Mary Barr Fought Expectations as First Female Forest Service Air Boss

When Mary Barr was pregnant with her first child, she knew she wanted a woman obstetrician to deliver her baby. But she lived in rural, isolated northeastern California, where ob/gyns in general were rare and men. The closest woman doctor Barr could find was in Nevada. So, sensing her baby was coming soon, a very pregnant Barr climbed into her plane and flew herself to Nevada where she gave birth to a girl she named after the state. Then, after a brief rest, Barr bundled up her newborn, carefully placed little Nevada behind the pilot’s seat in a small cargo space, and flew her little girl home. All by herself.

This was a very Mary Barr thing to do. It’s unclear why her husband didn’t accompany her, but it’s entirely possible Barr didn’t bother to ask. Barr was not the type to expect or court help from anyone. A pilot for most of her life, she eventually became the first lead pilot for the US Forest Service fighting fires from the sky. This was a woman unafraid to live her life exactly the way she saw fit. 

“She said that pilots were the rock stars when she was growing up,” Nevada Barr, said after her mother passed away. And Mary, according to Nevada, always “wanted to be a rock star.”
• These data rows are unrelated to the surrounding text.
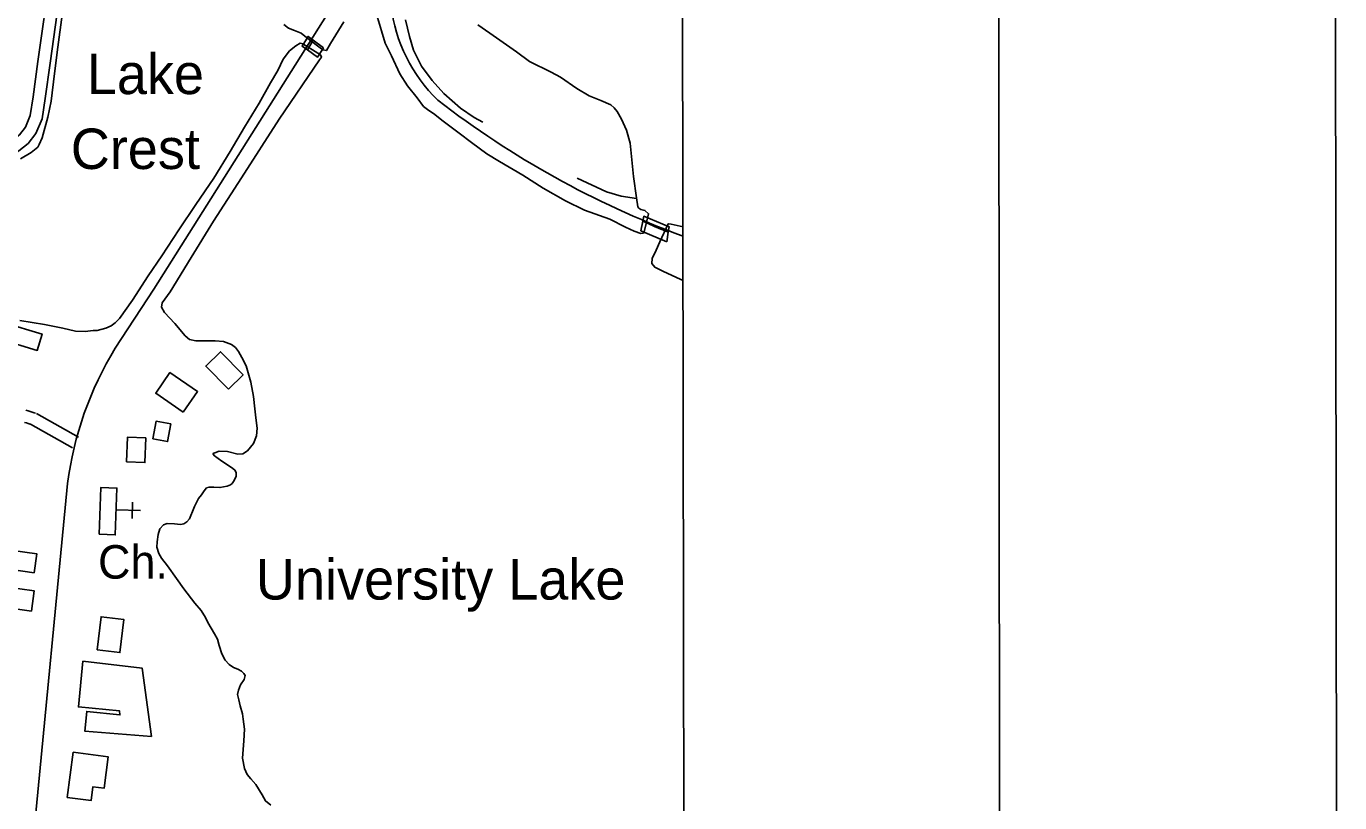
# Model space of a CAD drawing. Extents: x 3297716 to 3335574, y 688621 to 713991.
# Drawn here: x 3331741 to 3334991, y 697134 to 699056 of the extents above; entities that cross this region are included whole.
import ezdxf

# ---------------------------------------------------------------- set-up
doc = ezdxf.new("R2010")
doc.units = 0
for name, color, linetype in [('G-ANNO-NPLT', 7, 'Continuous'), ('V-ANNO-SYMB', 7, 'Continuous'), ('V-BLDG-OTLN', 7, 'Continuous'), ('V-BRDG-OTLN', 7, 'Continuous'), ('V-GRID-FRAM', 7, 'Continuous'), ('V-RIVR-IDEN', 7, 'Continuous'), ('V-ROAD-CNTR', 7, 'Continuous'), ('V-SITE-OTLN', 7, 'Continuous'), ('V-SITE-OTLN-IDEN', 7, 'Continuous'), ('V-TOPO-SHOR', 7, 'Continuous')]:
    doc.layers.add(name, color=color, linetype=linetype)

msp = doc.modelspace()

# ---------------------------------------------------------------- linework, layer by layer
at = {"layer": 'G-ANNO-NPLT'}
msp.add_lwpolyline([(3298324, 689204.1), (3334990.7, 689241.5), (3334966, 713408.1), (3298299.4, 713370.8)], close=True, dxfattribs=at)
at = {"layer": 'V-ANNO-SYMB'}
msp.add_lwpolyline([(3301073.5, 689832), (3334156.7, 689865.7), (3334133.4, 712782.2), (3301050.2, 712748.6), (3301073.5, 689832)], dxfattribs=at)
at = {"layer": 'V-BLDG-OTLN'}
for points in [[(3331687.7, 698321.5), (3331780.7, 698293.7), (3331768.7, 698253.5), (3331675.7, 698281.4)], [(3332241.4, 698157.5), (3332185.6, 698214.7), (3332221.9, 698250.1), (3332277.7, 698193)], [(3332130, 698100.1), (3332061.6, 698147.2), (3332096.8, 698198.4), (3332165.2, 698151.3)], [(3332054.6, 698034.2), (3332062.5, 698078.2), (3332099, 698071.6), (3332091.1, 698027.7)], [(3331989.7, 697977.6), (3331991.9, 698038.5), (3332037.1, 698036.8), (3332034.8, 697975.9)], [(3331921.7, 697798.2), (3331925.7, 697913.9), (3331965.8, 697912.5), (3331961.8, 697796.8)], [(3331760.9, 697703.2), (3331677, 697714.9), (3331673.8, 697691.6), (3331692.9, 697688.9), (3331690, 697668.2), (3331761.4, 697658.2), (3331754.4, 697608.1), (3331684.3, 697617.8), (3331681.8, 697600.4), (3331635.5, 697606.8), (3331646.5, 697685.4), (3331612.1, 697690.2), (3331624.6, 697780.3), (3331655.8, 697776), (3331659.2, 697800.8), (3331713.2, 697793.2), (3331708.4, 697758.5), (3331767.5, 697750.2)], [(3331917, 697512), (3331926.6, 697594), (3331982.7, 697587.4), (3331973.1, 697505.5)], [(3331881.8, 697484.4), (3332027.9, 697467.2), (3332051.2, 697297.8), (3331886.5, 697310.7), (3331891.1, 697359.9), (3331973.3, 697351.3), (3331972.3, 697361.1), (3331870.5, 697370.9)], [(3331857.4, 697259), (3331943.9, 697247.8), (3331933.8, 697169.7), (3331906.2, 697173.3), (3331901.8, 697139.3), (3331842.8, 697147)]]:
    msp.add_lwpolyline(points, close=True, dxfattribs=at)
at = {"layer": 'V-BRDG-OTLN'}
msp.add_line((3332436.9, 698996.8), (3332451.6, 699020.8), dxfattribs=at)
for points in [[(3332476.8, 699002.4), (3332462.3, 698979.1), (3332436.9, 698996.8), (3332423.7, 699006.1), (3332438.6, 699030.2), (3332451.6, 699020.8)], [(3333325.9, 698522), (3333262, 698549.3), (3333266.6, 698573.3), (3333268.9, 698585.4), (3333331.7, 698559.3), (3333329.6, 698545.8)]]:
    msp.add_lwpolyline(points, close=True, dxfattribs=at)
msp.add_lwpolyline([(3333266.6, 698573.3), (3333272.6, 698570.7), (3333280.3, 698567.1), (3333295.8, 698560.3), (3333311.4, 698553.6), (3333320.6, 698549.8), (3333329.6, 698545.8)], dxfattribs=at)
at = {"layer": 'V-GRID-FRAM'}
msp.add_lwpolyline([(3301838.5, 712184.2), (3333346.2, 712216.3), (3333372.6, 694031.5), (3301849.1, 693999.4), (3301838.5, 712184.2)], dxfattribs=at)
at = {"layer": 'V-ROAD-CNTR'}
for points in [[(3332737.5, 700602.3), (3332092.9, 700575.1), (3332036.9, 700139.2), (3332023.4, 699859.7), (3331966.2, 699482.5), (3331963.8, 699455.3), (3331959.2, 699436.9), (3331954.2, 699432.5), (3331830.8, 699358.8), (3331812.1, 699347.1), (3331794.3, 699322.7), (3331791.1, 699297.6), (3331794.8, 699258.8), (3331802, 699240.6), (3331802.9, 699217.9), (3331800.7, 699182), (3331770.5, 698968.2)], [(3331986.2, 699421.3), (3331986.1, 699420.7), (3331972.1, 699408.2), (3331846.5, 699333.2), (3331832.9, 699324.7), (3331823, 699311.2), (3331821.2, 699297.1), (3331824.2, 699266), (3331831.8, 699246.9), (3331833, 699217.6), (3331830.5, 699178.9), (3331800.2, 698964)], [(3331961.8, 698259.1), (3332057.2, 698404.5), (3332517.6, 699136.8), (3332646, 699327.7)], [(3331354.3, 698486.7), (3331375.4, 698622.3), (3331387.9, 698644.8), (3331404.2, 698662.4), (3331434.3, 698676.7), (3331470.6, 698687.2), (3331580.1, 698716.9), (3331682.2, 698756.9), (3331705.5, 698771.8), (3331725, 698786.9), (3331739.2, 698805.7), (3331751.5, 698834.3), (3331758.3, 698881.1), (3331770.5, 698968.2)], [(3331383.9, 698482.1), (3331404.2, 698612.4), (3331412.3, 698627.1), (3331422.2, 698637.7), (3331445, 698648.5), (3331478.7, 698658.4), (3331589.6, 698688.4), (3331695.9, 698730.1), (3331722.8, 698747.2), (3331746.6, 698765.7), (3331765.3, 698790.5), (3331780.6, 698826.1), (3331788, 698876.8), (3331800.2, 698964.1)], [(3331740.8, 698105.5), (3331746, 698104), (3331751.1, 698102.4), (3331756.2, 698100.6), (3331761.3, 698098.9), (3331764.2, 698097.8)], [(3331766.4, 698096.8), (3331870.5, 698038.8)], [(3331737.2, 698075.3), (3331741.9, 698073.8), (3331746.6, 698072.3), (3331751.2, 698070.6), (3331754, 698069.6)], [(3331751.8, 698070.6), (3331855.9, 698012.6)], [(3331719, 696855.5), (3331732.9, 696899.3), (3331761.6, 697074.6), (3331843.6, 697924)]]:
    msp.add_lwpolyline(points, dxfattribs=at)
for centre, radius, start, end in [((3333032.3, 699152.9), 391.2, 186.942, 225.8172), ((3334171.2, 700700.5), 2309.6, 232.3277, 249.537), ((3332690.6, 697813.7), 854.1, 148.5721, 172.5843)]:
    msp.add_arc(centre, radius, start, end, dxfattribs=at)
at = {"layer": 'V-SITE-OTLN'}
for p, q in [((3331963.9, 697859), (3332023.9, 697856.9)), ((3332003.2, 697837.6), (3332004.6, 697877.6))]:
    msp.add_line(p, q, dxfattribs=at)
at = {"layer": 'V-TOPO-SHOR'}
for points in [[(3331773.7, 698762.9), (3331781.2, 698779.8), (3331795.2, 698830.4), (3331802.9, 698870), (3331811.4, 698938.4), (3331819.4, 699004.1), (3331830.3, 699083.7)], [(3332378.5, 699059.6), (3332390, 699051), (3332405.3, 699044.7), (3332421.8, 699038.3), (3332434.4, 699027.4), (3332475.2, 698997.3), (3332484, 698995.3), (3332494.2, 699012.5), (3332527.2, 699066.4)], [(3332607.8, 699085.1), (3332620.4, 699044.6), (3332629.3, 699014.1), (3332644.8, 698982), (3332665.5, 698937.9), (3332684.4, 698908.4), (3332708.7, 698878.1), (3332724.2, 698856.8), (3332737.2, 698847), (3332748.7, 698839.6), (3332772.7, 698820.8), (3332812.4, 698790.8), (3332842.6, 698768.1), (3332880.4, 698740), (3332912.5, 698720.8), (3332969.8, 698686.7), (3333020.3, 698654.5), (3333075.7, 698623.5), (3333122.5, 698600.7), (3333184.9, 698578.1), (3333224, 698558.4), (3333245, 698548.1), (3333261.9, 698543), (3333268.1, 698543.3), (3333270.4, 698546.7), (3333280.9, 698591.6), (3333271.8, 698599.8), (3333261.8, 698602.2), (3333257.2, 698605.4), (3333254.6, 698608.8), (3333251, 698631.2), (3333243.8, 698684), (3333235.1, 698766.5), (3333225.9, 698798.5), (3333213.8, 698826), (3333202.9, 698844.6), (3333195.7, 698853.5), (3333187.3, 698861.3), (3333163.2, 698872), (3333133.6, 698883.5), (3333103.1, 698901.5), (3333063.3, 698929.4), (3333040.3, 698941.6), (3332986.3, 698968), (3332953.9, 698992.2), (3332888.6, 699038.7), (3332858.8, 699059.4)], [(3332870.6, 698818.5), (3332849.6, 698829.6), (3332815.9, 698852.7), (3332774.5, 698889.1), (3332745.9, 698921.4), (3332719.4, 698956.9), (3332699.1, 698996.5), (3332689.7, 699029.9), (3332679.8, 699071.2)], [(3332152.4, 697854.3), (3332157.6, 697867.3), (3332162.7, 697876.5), (3332167.4, 697886.4), (3332174.8, 697896), (3332181.8, 697905.9), (3332187.7, 697912.8), (3332193.9, 697915), (3332205.4, 697914.9), (3332220.4, 697914), (3332238.5, 697917.2), (3332247.1, 697921), (3332250.5, 697923.6), (3332256, 697931.3), (3332260.8, 697942.4), (3332260.9, 697950.5), (3332258.6, 697956.3), (3332251.7, 697962.1), (3332225.4, 697979.3), (3332207, 697992.6), (3332203.6, 697996.9), (3332204.4, 697998.8), (3332207.9, 697999.9), (3332218.7, 698004), (3332239.1, 698003.1), (3332264.8, 697996.6), (3332277.1, 697997.6), (3332288.8, 698004.8), (3332303.6, 698022.7), (3332310.7, 698041.5), (3332312.5, 698060.7), (3332309.3, 698086.2), (3332306.5, 698108.5), (3332303.3, 698139.4), (3332297.2, 698174.5), (3332285.3, 698215), (3332274.4, 698235.5), (3332266.5, 698250.6), (3332259.3, 698260.3), (3332249.3, 698268.1), (3332229.4, 698275.3), (3332209, 698277.4), (3332161.3, 698277.2), (3332145.2, 698280.4), (3332134.9, 698289), (3332108.6, 698319.7), (3332083.2, 698346.9), (3332076.4, 698360.5), (3332078, 698370.8), (3332097.2, 698398), (3332149.3, 698483.2), (3332205, 698573.1), (3332274.3, 698680.4), (3332366.7, 698825.7), (3332467.2, 698972.8), (3332471.5, 698978.9), (3332469.3, 698984.7), (3332425.7, 699011.7), (3332419.2, 699013.3), (3332408.7, 699006.9), (3332392.4, 698994.4), (3332376.8, 698974.1), (3332364.2, 698946.2), (3332345.4, 698915.2), (3332317.5, 698865.1), (3332281.4, 698805.8), (3332246.1, 698745.4), (3332205.8, 698679.7), (3332160.8, 698614.3), (3332119.3, 698551.7), (3332077, 698487.5), (3332043, 698438.2), (3332004.6, 698377.8), (3331972.2, 698332.4), (3331961.3, 698321.3), (3331951.9, 698314.1), (3331938, 698308.5), (3331917.2, 698302.6), (3331906.8, 698302.3), (3331887.5, 698300.2), (3331863.3, 698301.2), (3331831.8, 698308.5), (3331786.5, 698317.1), (3331725.8, 698327)], [(3331727.5, 698727.3), (3331753.4, 698743.5), (3331770.1, 698756.4), (3331773.7, 698762.9)], [(3333104.6, 698679.3), (3333176.5, 698645.8), (3333213.5, 698635.2), (3333251.2, 698629.4)], [(3333366.1, 698558.9), (3333336.6, 698565.7), (3333329.7, 698566.9), (3333308.8, 698521.7), (3333299.7, 698501.4), (3333289.9, 698481.1), (3333289, 698468.8), (3333296.2, 698459.5), (3333316.1, 698449.7), (3333360.5, 698428.4), (3333366.2, 698426.2)], [(3332346.5, 697128.2), (3332333.1, 697138.3), (3332325.2, 697153.8), (3332309.3, 697179), (3332296.8, 697193.4), (3332288, 697203.5), (3332281.7, 697218.2), (3332276.2, 697244), (3332279.7, 697286.7), (3332281.6, 697315.6), (3332278.4, 697340.6), (3332276.6, 697354.1), (3332270.7, 697373.8), (3332267, 697388.5), (3332263.7, 697401.6), (3332266.5, 697412.7), (3332271.6, 697425.4), (3332280.6, 697438.7), (3332282.7, 697449.1), (3332280, 697453.8), (3332274.3, 697459.6), (3332265.1, 697464.7), (3332254.4, 697468.3), (3332243.3, 697475.7), (3332233.4, 697486.6), (3332225.5, 697502.5), (3332218.8, 697522.6), (3332214.7, 697538.4), (3332206.8, 697551.9), (3332198.5, 697565.5), (3332190.6, 697579.8), (3332184.5, 697592.2), (3332174, 697609.3), (3332158.8, 697627.5), (3332131.4, 697663.2), (3332113.3, 697688.8), (3332090.5, 697719.9), (3332076.1, 697738.9), (3332069.3, 697750.9), (3332064.8, 697766.7), (3332065, 697779.8), (3332067.5, 697797.5), (3332071.9, 697811.7), (3332081.2, 697822), (3332090.1, 697824.9), (3332107.8, 697824.4), (3332122.8, 697822.7), (3332130.9, 697824.5), (3332138.7, 697829.4), (3332144.9, 697836.7), (3332148.8, 697845.1), (3332152.4, 697854.3)]]:
    msp.add_lwpolyline(points, dxfattribs=at)

# ---------------------------------------------------------------- texts
at = {"layer": 'V-RIVR-IDEN'}
for s, p in [('Lake', (3331891.2, 698887.6)), ('Crest', (3331851.6, 698702.3)), ('University Lake', (3332309.6, 697636.7))]:
    msp.add_text(s, height=100, dxfattribs=at).set_placement(p)
at = {"layer": 'V-SITE-OTLN-IDEN'}
msp.add_text('Ch.', height=83, rotation=0.0211, dxfattribs=at).set_placement((3331919.1, 697688.4))

doc.saveas('drawing.dxf')

Mary Barr was born in New Jersey in 1925, though she grew up in leafy Oberlin, Ohio. Her mother was a grade school teacher and her father a speech professor at Oberlin College. The product of a bookish upbringing, Barr attended a boarding school back east and enrolled in college, following her parents’ example. 

But, airplanes. 

Barr had been in love with the machines since she was a little girl, awed by Charles Lindbergh’s fame. She surreptitiously took a flying lesson and that was that. Barr told her parents she was dropping out of college to become a pilot. Their response: Gulp. 

She worked in a factory and as a dishwasher to pay for her lessons. Once she’d earned her license, she flew just about anything, anywhere. She transported military aircraft around the country for the US Army. Prisoners? You need prisoners flown somewhere? Give Mary a call. She learned aircraft maintenance and wrenched on planes for a time. Taught flying lessons where she could. Chased moose off the runway at a small Idaho airport. That’s where she met her future husband, the one who stayed home when she flew herself to give birth.

By the time her daughter was born, Barr had moved to Susanville, California, north of Lassen National Park, with her husband, where the two ran an airstrip. She flew for local government agencies doing a bit of wildlife spotting, which gradually morphed into a job flying fire suppression. 

In the early 1970s, Barr officially became lead pilot Pilot for the local Forest Service district. It was the first time a woman had ever held the job. Reaching that level took a quiet determination that rubbed off on her daughters. 

“When Mama decided to go full-time with the Forest Service, she knew for a fact that as a female pilot, she had to be twice as good, twice as calm in the face of upsets, to get anywhere,” her daughter Nevada said. “But because she had so many flight hours on her Forest Service application, it looked like a lie. So she reduced the number of hours she had in the air.

“She kind of taught us to be our own people because she had a determination to do what she needed and wished to do that was pretty impressive.”

And it was quite a job. Lead pilots fly small, highly maneuverable planes that work with on the ground firefighters to guide large tankers through smoke and haze and treacherous mountain passes to dump water or retardant on forest fires. They essentially coordinate all air suppression tactics by deciding how to approach the flames, whether it’s safe enough to do so, and they’re responsible for waving off tankers if the approach is too dangerous. 

The skill set means very few pilots are qualified. Flawless judgment, steel nerves, and ultimate confidence in one’s ability are the bare minimum. 

“It’s like playing chess,” said Michael K. Savage, a Forest Service lead pilot trainer, except “with the chess board on fire.”

“I mean, it’s scary as hell,” Nevada Barr told the NY Times. “But Mama thought it was just great.”

As if that wasn’t enough aerial excitement, Barr also raced in the legendary Reno Air Races. She was one of the first women pilots to do that too.

Rock stars, remember?

By the 1990s, Barr had retired to her family’s Susanville property. She’d had a second daughter, Molly, who had trained to become a commercial pilot. Nevada has become a bestselling novelist writing mysteries about wilderness crimes. 

Barr continued flying well into her 70s, then slowed down to enjoy her ranch. The Barrs had 300 acres on the east side of the northern Sierra, a sparsely populated region dotted by volcanic peaks, run with crystal clear streams, and some of the best fly fishing in the world. She lived there and ran the ranch even into her 80s after her husband had passed away. 

No doubt she’d see contrails crisscrossing the big, open sky above the ranch, look at them with a smile, satisfied she’d achieve her dream. 

Knowing too she’d fly rings around those pilots. 

Barr was elected to the Women in Aviation Pioneer Hall of Fame in 2001. She passed in 2010.